**Data excerpts**
--- START ---
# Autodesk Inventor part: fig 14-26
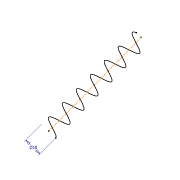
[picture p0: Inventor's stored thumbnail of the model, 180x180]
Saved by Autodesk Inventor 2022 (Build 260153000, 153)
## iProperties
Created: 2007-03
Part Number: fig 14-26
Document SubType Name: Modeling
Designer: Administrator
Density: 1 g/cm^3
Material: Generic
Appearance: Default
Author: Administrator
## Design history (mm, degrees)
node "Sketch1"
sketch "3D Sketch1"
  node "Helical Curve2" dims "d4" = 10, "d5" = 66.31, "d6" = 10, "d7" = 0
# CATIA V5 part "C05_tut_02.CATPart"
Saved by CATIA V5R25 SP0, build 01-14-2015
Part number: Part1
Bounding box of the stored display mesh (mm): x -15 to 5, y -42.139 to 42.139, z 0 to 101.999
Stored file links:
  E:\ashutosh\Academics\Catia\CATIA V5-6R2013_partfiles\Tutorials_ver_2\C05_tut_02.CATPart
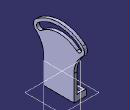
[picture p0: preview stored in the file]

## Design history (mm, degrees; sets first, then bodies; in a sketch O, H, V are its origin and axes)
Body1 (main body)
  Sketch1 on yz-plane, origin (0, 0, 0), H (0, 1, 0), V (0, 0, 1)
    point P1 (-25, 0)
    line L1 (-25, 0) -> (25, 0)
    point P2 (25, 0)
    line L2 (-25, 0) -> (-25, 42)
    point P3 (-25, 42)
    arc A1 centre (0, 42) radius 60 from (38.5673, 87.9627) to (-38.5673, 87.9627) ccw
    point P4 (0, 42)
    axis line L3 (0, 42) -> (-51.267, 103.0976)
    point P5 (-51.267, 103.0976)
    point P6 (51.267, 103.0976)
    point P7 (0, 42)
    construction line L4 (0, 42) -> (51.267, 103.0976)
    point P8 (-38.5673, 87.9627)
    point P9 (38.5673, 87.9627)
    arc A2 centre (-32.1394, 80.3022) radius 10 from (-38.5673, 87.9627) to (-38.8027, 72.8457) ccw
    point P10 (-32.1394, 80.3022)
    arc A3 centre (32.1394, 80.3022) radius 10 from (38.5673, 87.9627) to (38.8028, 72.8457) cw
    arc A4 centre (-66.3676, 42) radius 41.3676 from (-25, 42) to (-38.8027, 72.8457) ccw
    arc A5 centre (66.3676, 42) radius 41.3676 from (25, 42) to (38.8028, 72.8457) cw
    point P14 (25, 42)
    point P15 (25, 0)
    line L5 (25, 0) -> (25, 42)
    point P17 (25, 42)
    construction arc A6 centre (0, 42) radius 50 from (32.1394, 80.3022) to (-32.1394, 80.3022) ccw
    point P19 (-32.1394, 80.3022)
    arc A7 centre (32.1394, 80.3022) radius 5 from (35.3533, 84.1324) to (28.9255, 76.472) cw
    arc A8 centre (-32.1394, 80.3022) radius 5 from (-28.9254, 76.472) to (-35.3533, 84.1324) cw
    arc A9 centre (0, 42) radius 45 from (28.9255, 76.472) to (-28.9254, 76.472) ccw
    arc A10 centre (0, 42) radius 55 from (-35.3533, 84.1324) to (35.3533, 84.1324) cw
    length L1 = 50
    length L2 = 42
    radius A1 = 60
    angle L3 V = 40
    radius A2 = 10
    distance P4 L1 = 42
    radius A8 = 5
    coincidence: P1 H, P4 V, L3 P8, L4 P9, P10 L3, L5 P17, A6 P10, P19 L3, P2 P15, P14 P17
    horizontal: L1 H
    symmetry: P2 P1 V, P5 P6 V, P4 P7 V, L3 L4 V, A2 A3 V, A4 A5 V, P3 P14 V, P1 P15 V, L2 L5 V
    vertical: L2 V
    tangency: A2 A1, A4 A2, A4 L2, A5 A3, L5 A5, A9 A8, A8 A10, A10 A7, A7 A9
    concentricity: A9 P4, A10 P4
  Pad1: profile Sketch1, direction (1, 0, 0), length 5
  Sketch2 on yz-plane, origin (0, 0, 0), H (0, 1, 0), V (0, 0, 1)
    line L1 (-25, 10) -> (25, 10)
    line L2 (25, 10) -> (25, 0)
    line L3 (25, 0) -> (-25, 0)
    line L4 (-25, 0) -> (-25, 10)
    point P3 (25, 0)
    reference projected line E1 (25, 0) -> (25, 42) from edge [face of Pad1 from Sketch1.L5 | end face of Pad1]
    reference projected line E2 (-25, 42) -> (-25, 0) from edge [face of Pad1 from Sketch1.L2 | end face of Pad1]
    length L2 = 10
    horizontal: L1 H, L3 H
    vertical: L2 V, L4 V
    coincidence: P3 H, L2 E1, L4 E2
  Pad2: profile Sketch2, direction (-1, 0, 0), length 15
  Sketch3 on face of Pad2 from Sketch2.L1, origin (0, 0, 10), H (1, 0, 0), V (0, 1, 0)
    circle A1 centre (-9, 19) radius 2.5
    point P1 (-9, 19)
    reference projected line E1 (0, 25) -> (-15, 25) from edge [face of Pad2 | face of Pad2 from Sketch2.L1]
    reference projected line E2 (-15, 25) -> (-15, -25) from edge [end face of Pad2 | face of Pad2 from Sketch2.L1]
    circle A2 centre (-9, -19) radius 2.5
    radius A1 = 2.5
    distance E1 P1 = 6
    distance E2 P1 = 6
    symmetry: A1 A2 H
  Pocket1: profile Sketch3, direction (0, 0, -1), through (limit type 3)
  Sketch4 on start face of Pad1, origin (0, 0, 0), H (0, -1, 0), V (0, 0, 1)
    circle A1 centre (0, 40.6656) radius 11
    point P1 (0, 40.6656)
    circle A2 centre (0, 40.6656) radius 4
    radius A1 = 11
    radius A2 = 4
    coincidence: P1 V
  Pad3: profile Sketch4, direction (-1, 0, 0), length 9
--- END ---
**TO DO**
Take every line from the data that includes the word "Saved".

**TASK RESPONSE**
Saved by Autodesk Inventor 2022 (Build 260153000, 153)
Saved by CATIA V5R25 SP0, build 01-14-2015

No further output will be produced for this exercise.